French mandoline, $300, and German mandoline, $80, from Scullerymade, 1400 High Street, Malvern, 9509 4003. De Buyer mandoline in Ferrari red, $165, from The Essential Ingredient, Prahran Market, Elizabeth Street, South Yarra, 9827 9047.

8. Sous-vide machine

Sous-vide is a popular method of cooking food sealed in airtight plastic bags in a water bath at low temperature.

''They're hugely popular with the industry,'' says Vanda Luzza of The Chef's Hat. ''But most home cooks are stopped by the price.''

It's a technique that appeals to the lover of precision, the control freak and the health-conscious. The current flock of chef-driven cookbooks are big on detailing specific instructions for the particular equipment they use, setting up gnashings of gadget-envy in the breasts of home cooks.

Heston Blumenthal, for instance, calls for one in his book Heston Blumenthal at Home (Bloomsbury). He maintains it will revolutionise the domestic kitchen.

PolyScience sous-vide machine, $984.50, from The Chef's Hat, 131 Cecil Street, South Melbourne, 9682 1441.

9. Digital probe meat thermometer

No more checking of watches or double-guessing about whether the roast is cooked. Insert the metal needle into the thickest part of the meat and check the internal temperature from the easy-to-read display.

There are many different versions, but they can generally be pre-programmed. The Culinart digital probe is radio-controlled, alerting you when the meat has reached optimum temperature. ''Very handy for when you've got the gin and tonic going and have wandered off,'' says Susie Hawes of Scullerymade. Generally speaking, look for 55 degrees for medium-rare meat, 50 degrees for fish and 68 degrees when inserted into the thickest part of the chicken leg.

It's a clever and relatively cheap response to the more precise temperatures called for by today's chef-driven recipes.

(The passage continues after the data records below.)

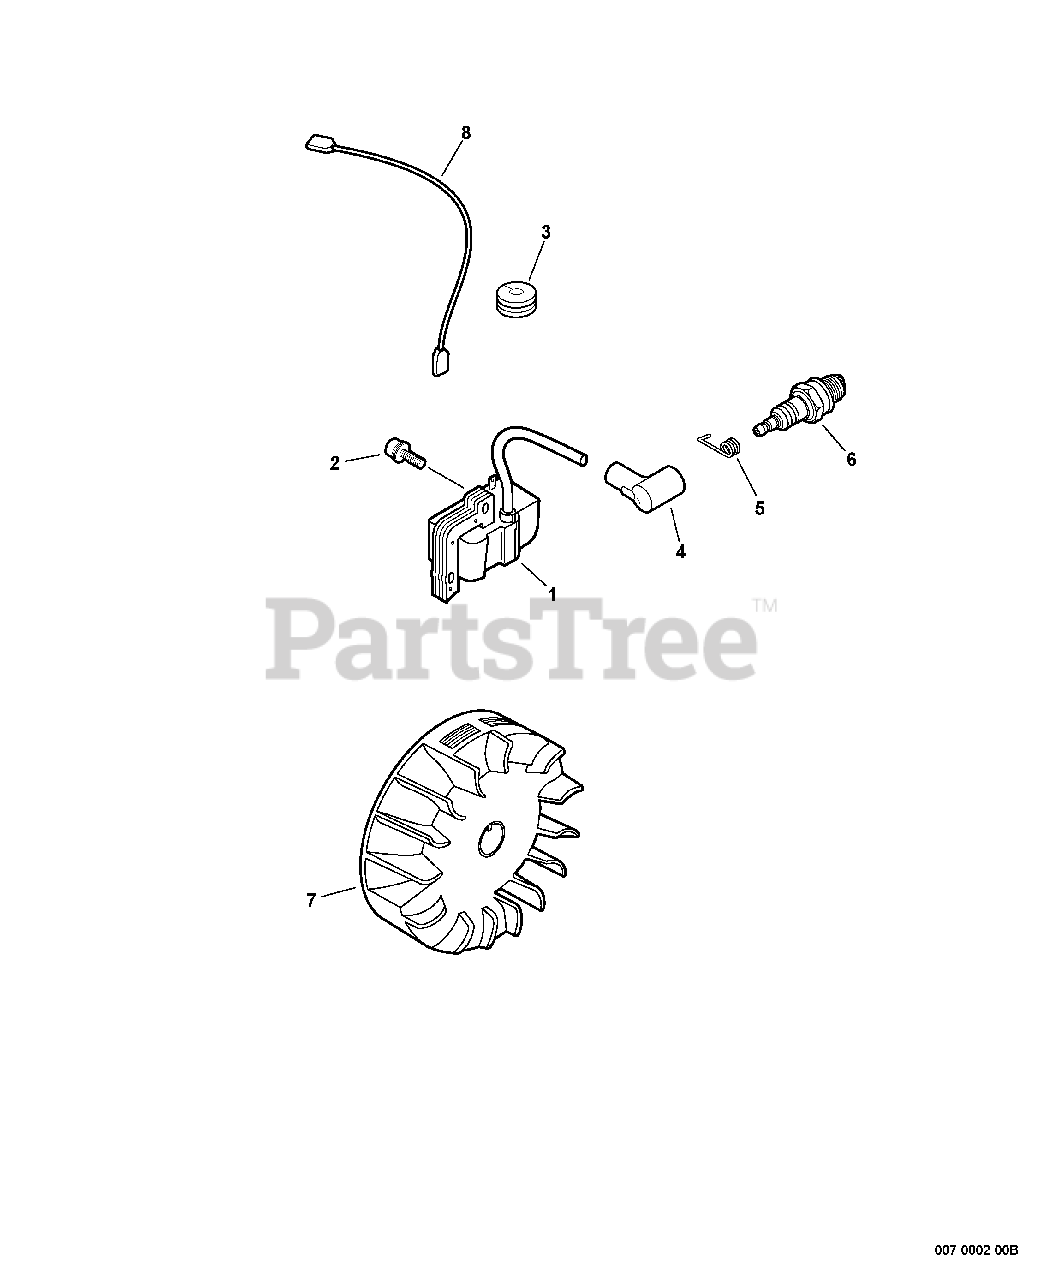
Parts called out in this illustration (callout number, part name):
1	COIL, IGNITION
2	SCREW - 4X22
3	GROMMET
4	CAP, SPARK PLUG
5	TERMINAL, SPARK PLUG CAP
6	SPARK PLUG -- BPM-7A
7	FLYWHEEL
8	LEAD - IGNITION
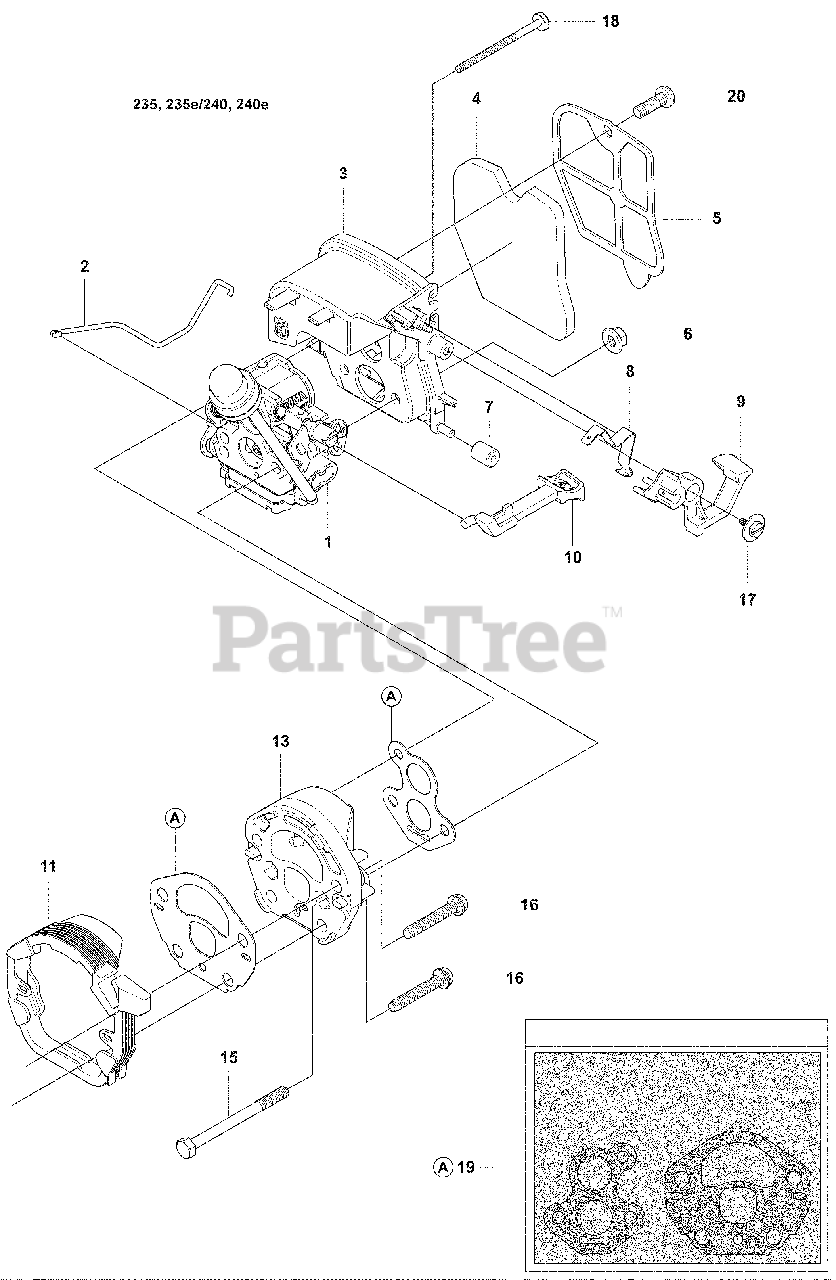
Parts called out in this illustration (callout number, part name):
1	CARBURETOR (ZAMA) - Ref.
2	THROTTLE WIRE
3	FILTER HOUSING
4	AIR FILTER
5	FILTER PLATE
7	ISOLATOR FILTER HOUSING
8	SWITCH, SPRING
9	SWITCH LEVER
10	CHOKE KNOB
11	CARB ADAPTOR SEAL
13	CARB ADAPTOR
15	STUD-CARBURETOR
16	CARB ADAPTOR SCREW
17	SCREW SWITCH
18	TOP STUD-CARBURETOR
19	GASKET KIT
20	SCREW, FILTER PLATE
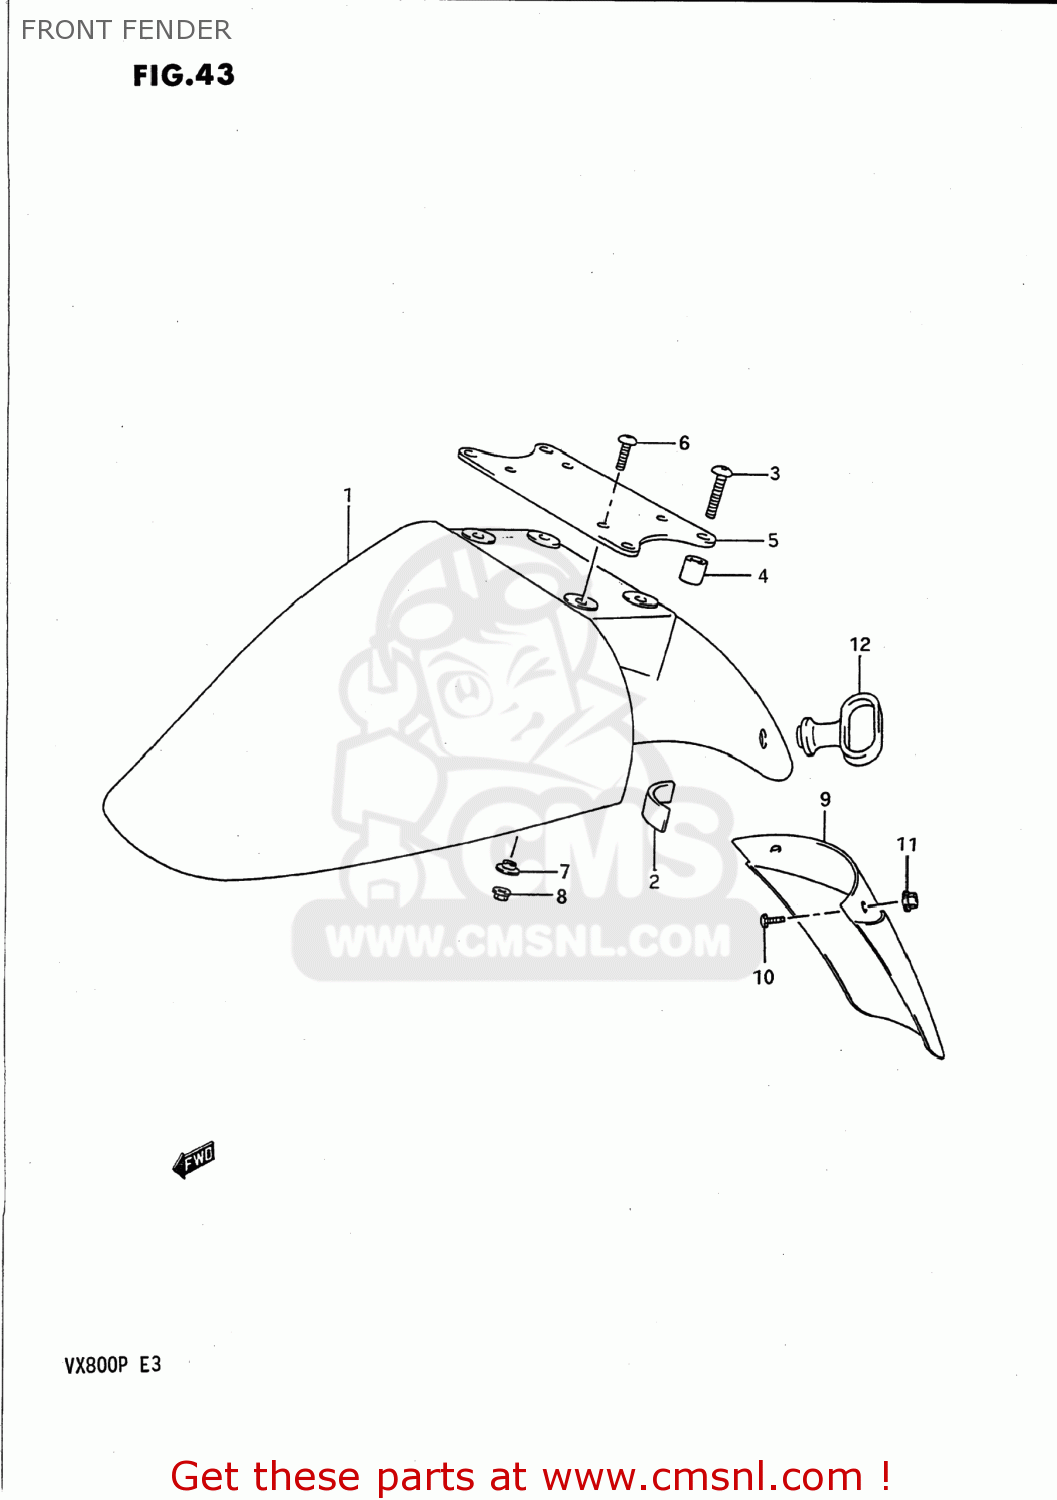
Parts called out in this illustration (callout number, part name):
1	FENDER,FRONT
2	CUSHION,BODY COWLING
3	SCREW(6X30)
4	SPACER (6.5X11.5X15.5)
5	BRACE,FR FENDER
6	SCREW(5X16)
7	WASHER
8	NUT
9	EXTENSION,FR FENDER
10	SCREW
11	NUT 5MM
12	GUIDE,CABLE
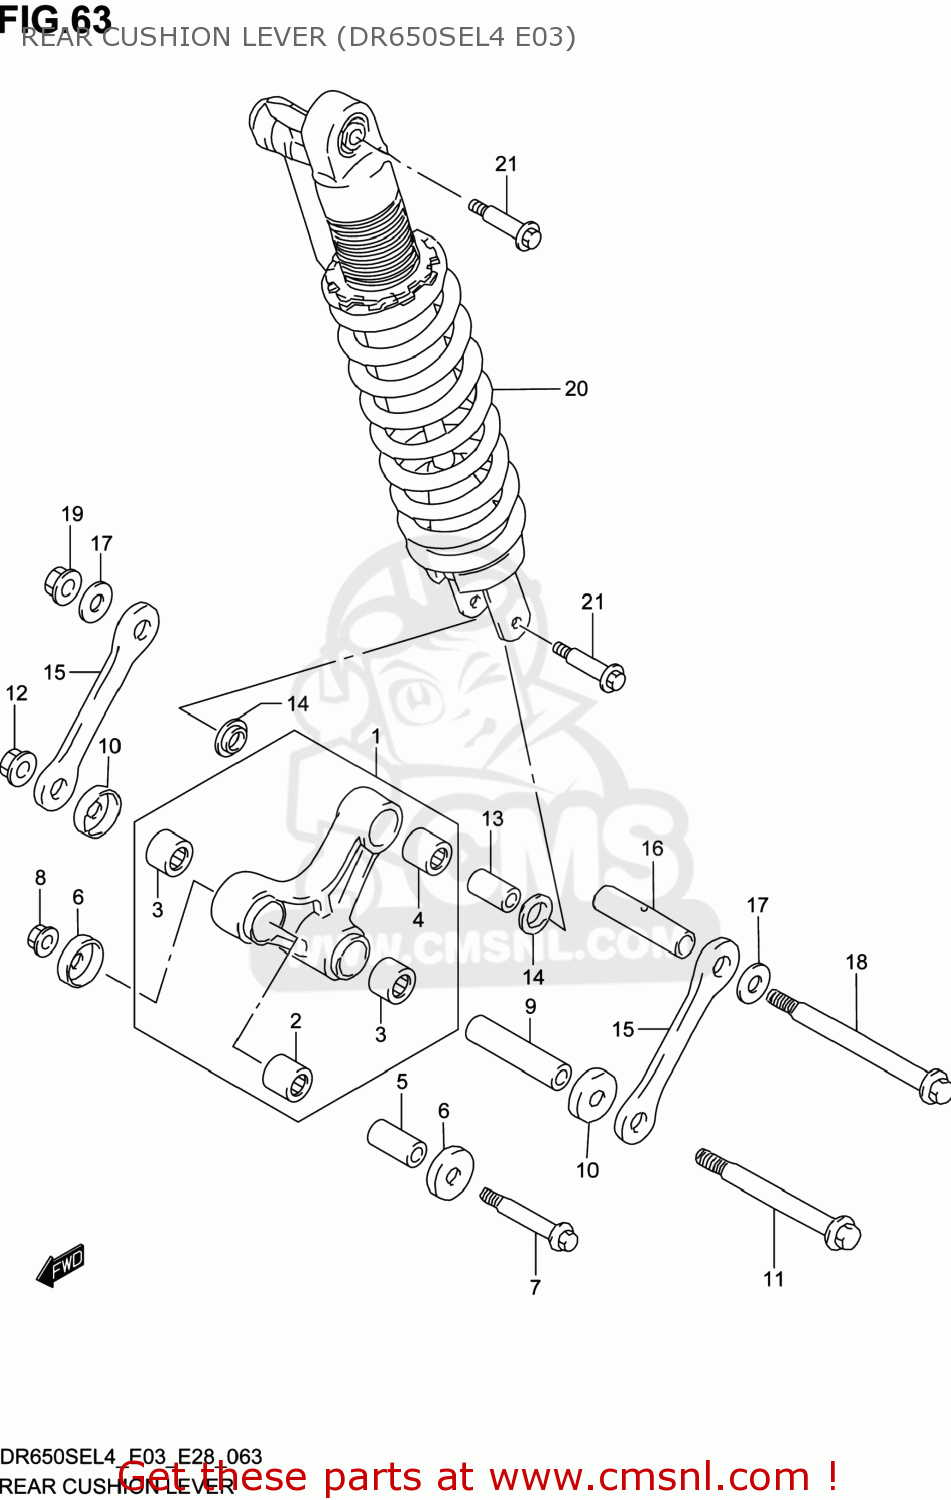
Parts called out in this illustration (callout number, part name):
1	LEVER SET,RR CUSHION
2	BEARING(20X27X30)
3	BEARING(21X27X20)
4	BEARING(17X24X20)
5	SPACER,RR CUSHION LEVER FR
6	SEAL,RR CUSHION LEVER FR DUST
7	BOLT,RR CUSHION LEVER FR
8	NUT
9	SPACER,RR CUSHION LEVER CTR
10	SEAL,RR CUSHION LEVER CTR
11	BOLT,RR CUSHION LEVER CTR
12	NUT
13	SPACER,RR CUSHION LEVER
14	SEAL,RR CUSHION LEVER RR DUST
15	ROD,RR CUSHION LEVER
16	SPACER,RR CUSHION LEVER CTR
17	WASHER
18	SHAFT,RR CUSHION LEVER FR
19	NUT
20	ABSORBER ASSY,RR SHOCK
21	BOLT,RR CUSHION ROD UPR

Culinart digital probe, $80, from Scullerymade, 1400 High Street, Malvern, 9509 4003; Digi Stick, $29.95, from The Essential Ingredient, Prahran Market, South Yarra, 9827 9047.

10. Smoking gun

Who wouldn't want to own something called The Smoking Gun? With one of these in your holster, you'll be able to drop lines such as, ''I did that with my Smoking Gun,'' and, ''Have you seen my Smoking Gun?'' over dinner.

This hand-held smoking device means you can get the joy of smoking without the major kerfuffle of an outdoors hot smoker. Luzza says it sells well because people love experimenting by smoking meat, seafood, butter, cocktails and desserts. ''With so many cooking programs on at the moment, people get very influenced by the chefs,'' she says. ''They're really keen on getting different flavours from their food,'' she says.

Just sprinkle a teaspoon of woodchips in the basin and the battery-operated device heats them to smoking point. Place some salmon in a zip-lock bag, insert the tube, add a little smoke and leave it for five minutes, and you have some beautifully cold-smoked salmon.

Frank Camorra of MoVida uses it to infuse mackerel with a lingering smoky aroma.

PolyScience Smoking Gun, $126.50, from The Chef's Hat, 131 Cecil Street, South Melbourne, 9682 1441.